[THE DATA Boundary: Start]

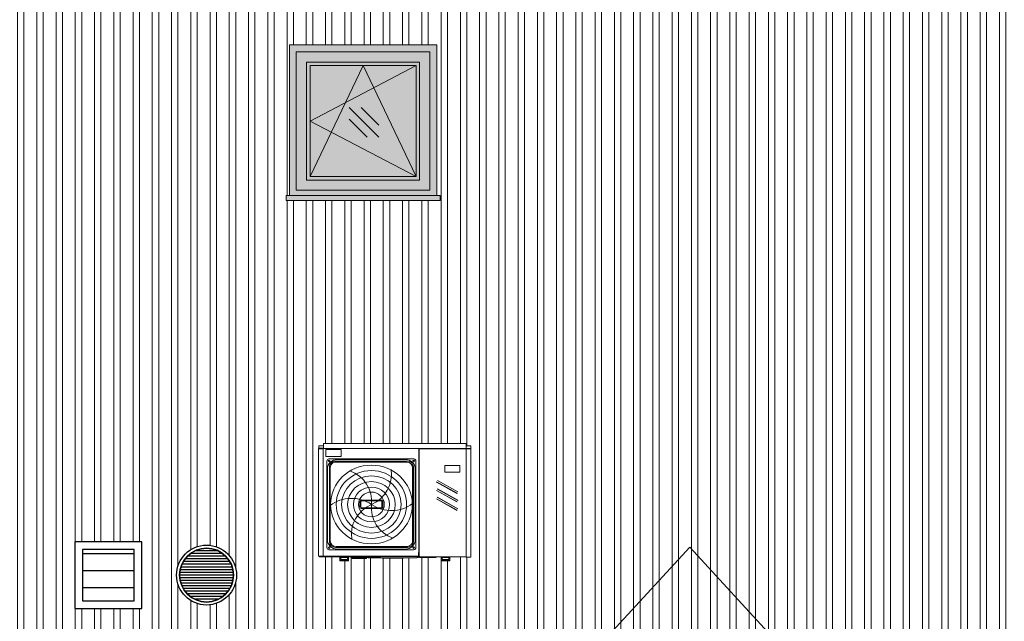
# Model space of a CAD drawing. Extents: x 4615668 to 9294084, y 5331114 to 10688993.
# Tile 3 of 181: x 4647044 to 4647619, y 5331692 to 5332043. Entities that reach past the tile are written whole.
import ezdxf

# ---------------------------------------------------------------- set-up
doc = ezdxf.new("R2010")
doc.units = 0
doc.header["$MEASUREMENT"] = 0
for name, color, linetype, lineweight in [('FLUID-W1W', 7, 'Continuous', 30), ('hatch', 253, 'Continuous', 0), ('więźba_w', 33, 'Continuous', 5), ('WM_KLIM_urządzenia', 3, 'Continuous', 13)]:
    doc.layers.add(name, color=color, linetype=linetype, lineweight=lineweight)
doc.layers.add('kreskowanie', color=253, linetype='Continuous')
doc.layers.add('STOLARKA', color=4, linetype='Continuous')

# ---------------------------------------------------------------- blocks, each defined once
blk = doc.blocks.new('x klima jz1')
at = {"color": 7, "linetype": 'Continuous'}
for p, q in [((2536.55, 3232.96), (2536.55, 3293.14)), ((2536.55, 3292.87), (2536.55, 3291.25)), ((2539.2, 3292.87), (2536.55, 3292.87)), ((2536.61, 3293.32), (2536.73, 3294.69)), ((2536.61, 3293.32), (2537.07, 3293.32)), ((2536.65, 3292.87), (2536.65, 3293.32)), ((2536.65, 3292.87), (2536.65, 3292.87)), ((2536.78, 3294.69), (2536.73, 3294.69)), ((2536.93, 3294.69), (2536.78, 3294.69)), ((2537.17, 3294.69), (2536.93, 3294.69)), ((2537.07, 3293.32), (2537.4, 3293.32)), ((2537.49, 3294.69), (2537.17, 3294.69)), ((2537.4, 3293.32), (2537.82, 3293.32)), ((2537.89, 3294.69), (2537.49, 3294.69)), ((2537.82, 3293.32), (2538.29, 3293.32)), ((2538.34, 3294.69), (2537.89, 3294.69)), ((2538.29, 3293.32), (2538.8, 3293.32)), ((2538.83, 3294.69), (2538.34, 3294.69)), ((2538.8, 3293.32), (2539.33, 3293.32)), ((2539.33, 3294.69), (2538.83, 3294.69)), ((2539.2, 3293.07), (2539.2, 3293.14)), ((2539.2, 3293.14), (2622.81, 3293.14)), ((2539.2, 3230.21), (2539.2, 3293.14)), ((2539.2, 3293.04), (2539.2, 3293.07)), ((2539.2, 3293.04), (2539.2, 3292.99)), ((2539.2, 3292.99), (2539.2, 3292.87)), ((2539.2, 3292.87), (2539.2, 3292.87)), ((2539.33, 3296.07), (2539.33, 3296)), ((2539.33, 3296.07), (2622.81, 3296.07)), ((2539.33, 3296), (2539.33, 3295.81)), ((2539.33, 3295.81), (2539.33, 3295.51)), ((2539.33, 3295.51), (2539.33, 3295.13)), ((2539.33, 3295.13), (2539.33, 3294.69)), ((2539.33, 3294.69), (2539.33, 3293.32)), ((2539.33, 3293.19), (2539.33, 3293.32)), ((2539.33, 3293.14), (2539.33, 3293.19)), ((2595.06, 3293.14), (2595.06, 3232.39)), ((2595.06, 3292.87), (2595.38, 3292.87)), ((2595.38, 3293.14), (2595.38, 3230.21)), ((2595.45, 3292.87), (2595.38, 3292.87)), ((2595.45, 3293.13), (2595.45, 3293.14)), ((2595.45, 3292.87), (2622.81, 3292.87)), ((2622.81, 3292.87), (2622.81, 3296.07)), ((2623.3, 3294.69), (2622.81, 3294.69)), ((2622.81, 3293.17), (2625.38, 3293.17)), ((2622.81, 3293.14), (2622.81, 3247.03)), ((2622.81, 3292.87), (2623.34, 3292.87)), ((2623.79, 3294.69), (2623.3, 3294.69)), ((2623.34, 3292.87), (2623.86, 3292.87)), ((2624.24, 3294.69), (2623.79, 3294.69)), ((2623.86, 3292.87), (2624.33, 3292.87)), ((2624.64, 3294.69), (2624.24, 3294.69)), ((2624.33, 3292.87), (2624.75, 3292.87)), ((2624.96, 3294.69), (2624.64, 3294.69)), ((2624.75, 3292.87), (2625.09, 3292.87)), ((2625.2, 3294.69), (2624.96, 3294.69)), ((2625.09, 3292.87), (2625.34, 3292.87)), ((2625.35, 3294.69), (2625.2, 3294.69)), ((2625.34, 3292.87), (2625.5, 3292.87)), ((2625.4, 3294.69), (2625.35, 3294.69)), ((2625.35, 3293.17), (2625.43, 3293.18)), ((2625.38, 3293.17), (2625.43, 3293.18)), ((2625.4, 3294.69), (2625.51, 3293.42)), ((2625.43, 3293.18), (2625.47, 3293.2)), ((2625.47, 3293.2), (2625.5, 3293.23)), ((2625.5, 3293.23), (2625.52, 3293.27)), ((2625.5, 3292.87), (2625.55, 3292.87)), ((2625.52, 3293.37), (2625.51, 3293.43)), ((2625.52, 3293.32), (2625.52, 3293.37)), ((2625.55, 3293.14), (2625.55, 3248.24)), ((2605.41, 3273.56), (2605.4, 3273.55)), ((2605.4, 3273.55), (2605.4, 3273.54)), ((2617.36, 3266.88), (2605.4, 3273.54)), ((2605.43, 3273.59), (2605.41, 3273.56)), ((2605.45, 3273.63), (2605.43, 3273.59)), ((2605.45, 3273.63), (2617.42, 3266.98)), ((2605.93, 3274.42), (2605.96, 3274.47)), ((2617.89, 3267.77), (2605.93, 3274.42)), ((2605.96, 3274.47), (2605.97, 3274.5)), ((2605.98, 3274.51), (2605.97, 3274.5)), ((2605.98, 3274.52), (2605.98, 3274.51)), ((2605.98, 3274.52), (2617.95, 3267.86)), ((2605.4, 3268.61), (2605.41, 3268.62)), ((2605.4, 3268.6), (2605.4, 3268.61)), ((2617.36, 3261.94), (2605.4, 3268.6)), ((2605.41, 3268.62), (2605.43, 3268.65)), ((2605.43, 3268.65), (2605.45, 3268.69)), ((2605.45, 3268.69), (2617.42, 3262.04)), ((2605.93, 3269.48), (2605.96, 3269.53)), ((2617.89, 3262.83), (2605.93, 3269.48)), ((2605.96, 3269.53), (2605.97, 3269.56)), ((2605.98, 3269.57), (2605.97, 3269.56)), ((2605.98, 3269.58), (2605.98, 3269.57)), ((2605.98, 3269.58), (2617.95, 3262.92)), ((2617.89, 3267.77), (2617.92, 3267.82)), ((2617.92, 3267.82), (2617.94, 3267.85)), ((2617.94, 3267.85), (2617.95, 3267.86)), ((2617.94, 3267.85), (2617.94, 3267.85)), ((2605.4, 3263.67), (2605.41, 3263.68)), ((2605.4, 3263.66), (2605.4, 3263.67)), ((2617.36, 3257), (2605.4, 3263.66)), ((2605.43, 3263.71), (2605.41, 3263.68)), ((2605.45, 3263.75), (2605.43, 3263.71)), ((2605.45, 3263.75), (2617.42, 3257.1)), ((2605.93, 3264.54), (2605.96, 3264.59)), ((2617.89, 3257.89), (2605.93, 3264.54)), ((2605.96, 3264.59), (2605.97, 3264.62)), ((2605.98, 3264.63), (2605.97, 3264.62)), ((2605.98, 3264.64), (2605.98, 3264.63)), ((2605.98, 3264.64), (2617.95, 3257.98)), ((2617.37, 3266.89), (2617.36, 3266.88)), ((2617.39, 3266.93), (2617.37, 3266.9)), ((2617.37, 3266.9), (2617.37, 3266.89)), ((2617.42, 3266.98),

[THE DATA Boundary: End]

▸ AIM OF THE TASK:
Repeat the records in full, exactly as they appear, without the pictures.

▸ ANSWER BOX:
# Model space of a CAD drawing. Extents: x 4615668 to 9294084, y 5331114 to 10688993.
# Tile 3 of 181: x 4647044 to 4647619, y 5331692 to 5332043. Entities that reach past the tile are written whole.
import ezdxf

# ---------------------------------------------------------------- set-up
doc = ezdxf.new("R2010")
doc.units = 0
doc.header["$MEASUREMENT"] = 0
for name, color, linetype, lineweight in [('FLUID-W1W', 7, 'Continuous', 30), ('hatch', 253, 'Continuous', 0), ('więźba_w', 33, 'Continuous', 5), ('WM_KLIM_urządzenia', 3, 'Continuous', 13)]:
    doc.layers.add(name, color=color, linetype=linetype, lineweight=lineweight)
doc.layers.add('kreskowanie', color=253, linetype='Continuous')
doc.layers.add('STOLARKA', color=4, linetype='Continuous')

# ---------------------------------------------------------------- blocks, each defined once
blk = doc.blocks.new('x klima jz1')
at = {"color": 7, "linetype": 'Continuous'}
for p, q in [((2536.55, 3232.96), (2536.55, 3293.14)), ((2536.55, 3292.87), (2536.55, 3291.25)), ((2539.2, 3292.87), (2536.55, 3292.87)), ((2536.61, 3293.32), (2536.73, 3294.69)), ((2536.61, 3293.32), (2537.07, 3293.32)), ((2536.65, 3292.87), (2536.65, 3293.32)), ((2536.65, 3292.87), (2536.65, 3292.87)), ((2536.78, 3294.69), (2536.73, 3294.69)), ((2536.93, 3294.69), (2536.78, 3294.69)), ((2537.17, 3294.69), (2536.93, 3294.69)), ((2537.07, 3293.32), (2537.4, 3293.32)), ((2537.49, 3294.69), (2537.17, 3294.69)), ((2537.4, 3293.32), (2537.82, 3293.32)), ((2537.89, 3294.69), (2537.49, 3294.69)), ((2537.82, 3293.32), (2538.29, 3293.32)), ((2538.34, 3294.69), (2537.89, 3294.69)), ((2538.29, 3293.32), (2538.8, 3293.32)), ((2538.83, 3294.69), (2538.34, 3294.69)), ((2538.8, 3293.32), (2539.33, 3293.32)), ((2539.33, 3294.69), (2538.83, 3294.69)), ((2539.2, 3293.07), (2539.2, 3293.14)), ((2539.2, 3293.14), (2622.81, 3293.14)), ((2539.2, 3230.21), (2539.2, 3293.14)), ((2539.2, 3293.04), (2539.2, 3293.07)), ((2539.2, 3293.04), (2539.2, 3292.99)), ((2539.2, 3292.99), (2539.2, 3292.87)), ((2539.2, 3292.87), (2539.2, 3292.87)), ((2539.33, 3296.07), (2539.33, 3296)), ((2539.33, 3296.07), (2622.81, 3296.07)), ((2539.33, 3296), (2539.33, 3295.81)), ((2539.33, 3295.81), (2539.33, 3295.51)), ((2539.33, 3295.51), (2539.33, 3295.13)), ((2539.33, 3295.13), (2539.33, 3294.69)), ((2539.33, 3294.69), (2539.33, 3293.32)), ((2539.33, 3293.19), (2539.33, 3293.32)), ((2539.33, 3293.14), (2539.33, 3293.19)), ((2595.06, 3293.14), (2595.06, 3232.39)), ((2595.06, 3292.87), (2595.38, 3292.87)), ((2595.38, 3293.14), (2595.38, 3230.21)), ((2595.45, 3292.87), (2595.38, 3292.87)), ((2595.45, 3293.13), (2595.45, 3293.14)), ((2595.45, 3292.87), (2622.81, 3292.87)), ((2622.81, 3292.87), (2622.81, 3296.07)), ((2623.3, 3294.69), (2622.81, 3294.69)), ((2622.81, 3293.17), (2625.38, 3293.17)), ((2622.81, 3293.14), (2622.81, 3247.03)), ((2622.81, 3292.87), (2623.34, 3292.87)), ((2623.79, 3294.69), (2623.3, 3294.69)), ((2623.34, 3292.87), (2623.86, 3292.87)), ((2624.24, 3294.69), (2623.79, 3294.69)), ((2623.86, 3292.87), (2624.33, 3292.87)), ((2624.64, 3294.69), (2624.24, 3294.69)), ((2624.33, 3292.87), (2624.75, 3292.87)), ((2624.96, 3294.69), (2624.64, 3294.69)), ((2624.75, 3292.87), (2625.09, 3292.87)), ((2625.2, 3294.69), (2624.96, 3294.69)), ((2625.09, 3292.87), (2625.34, 3292.87)), ((2625.35, 3294.69), (2625.2, 3294.69)), ((2625.34, 3292.87), (2625.5, 3292.87)), ((2625.4, 3294.69), (2625.35, 3294.69)), ((2625.35, 3293.17), (2625.43, 3293.18)), ((2625.38, 3293.17), (2625.43, 3293.18)), ((2625.4, 3294.69), (2625.51, 3293.42)), ((2625.43, 3293.18), (2625.47, 3293.2)), ((2625.47, 3293.2), (2625.5, 3293.23)), ((2625.5, 3293.23), (2625.52, 3293.27)), ((2625.5, 3292.87), (2625.55, 3292.87)), ((2625.52, 3293.37), (2625.51, 3293.43)), ((2625.52, 3293.32), (2625.52, 3293.37)), ((2625.55, 3293.14), (2625.55, 3248.24)), ((2605.41, 3273.56), (2605.4, 3273.55)), ((2605.4, 3273.55), (2605.4, 3273.54)), ((2617.36, 3266.88), (2605.4, 3273.54)), ((2605.43, 3273.59), (2605.41, 3273.56)), ((2605.45, 3273.63), (2605.43, 3273.59)), ((2605.45, 3273.63), (2617.42, 3266.98)), ((2605.93, 3274.42), (2605.96, 3274.47)), ((2617.89, 3267.77), (2605.93, 3274.42)), ((2605.96, 3274.47), (2605.97, 3274.5)), ((2605.98, 3274.51), (2605.97, 3274.5)), ((2605.98, 3274.52), (2605.98, 3274.51)), ((2605.98, 3274.52), (2617.95, 3267.86)), ((2605.4, 3268.61), (2605.41, 3268.62)), ((2605.4, 3268.6), (2605.4, 3268.61)), ((2617.36, 3261.94), (2605.4, 3268.6)), ((2605.41, 3268.62), (2605.43, 3268.65)), ((2605.43, 3268.65), (2605.45, 3268.69)), ((2605.45, 3268.69), (2617.42, 3262.04)), ((2605.93, 3269.48), (2605.96, 3269.53)), ((2617.89, 3262.83), (2605.93, 3269.48)), ((2605.96, 3269.53), (2605.97, 3269.56)), ((2605.98, 3269.57), (2605.97, 3269.56)), ((2605.98, 3269.58), (2605.98, 3269.57)), ((2605.98, 3269.58), (2617.95, 3262.92)), ((2617.89, 3267.77), (2617.92, 3267.82)), ((2617.92, 3267.82), (2617.94, 3267.85)), ((2617.94, 3267.85), (2617.95, 3267.86)), ((2617.94, 3267.85), (2617.94, 3267.85)), ((2605.4, 3263.67), (2605.41, 3263.68)), ((2605.4, 3263.66), (2605.4, 3263.67)), ((2617.36, 3257), (2605.4, 3263.66)), ((2605.43, 3263.71), (2605.41, 3263.68)), ((2605.45, 3263.75), (2605.43, 3263.71)), ((2605.45, 3263.75), (2617.42, 3257.1)), ((2605.93, 3264.54), (2605.96, 3264.59)), ((2617.89, 3257.89), (2605.93, 3264.54)), ((2605.96, 3264.59), (2605.97, 3264.62)), ((2605.98, 3264.63), (2605.97, 3264.62)), ((2605.98, 3264.64), (2605.98, 3264.63)), ((2605.98, 3264.64), (2617.95, 3257.98)), ((2617.37, 3266.89), (2617.36, 3266.88)), ((2617.39, 3266.93), (2617.37, 3266.9)), ((2617.37, 3266.9), (2617.37, 3266.89)), ((2617.42, 3266.98),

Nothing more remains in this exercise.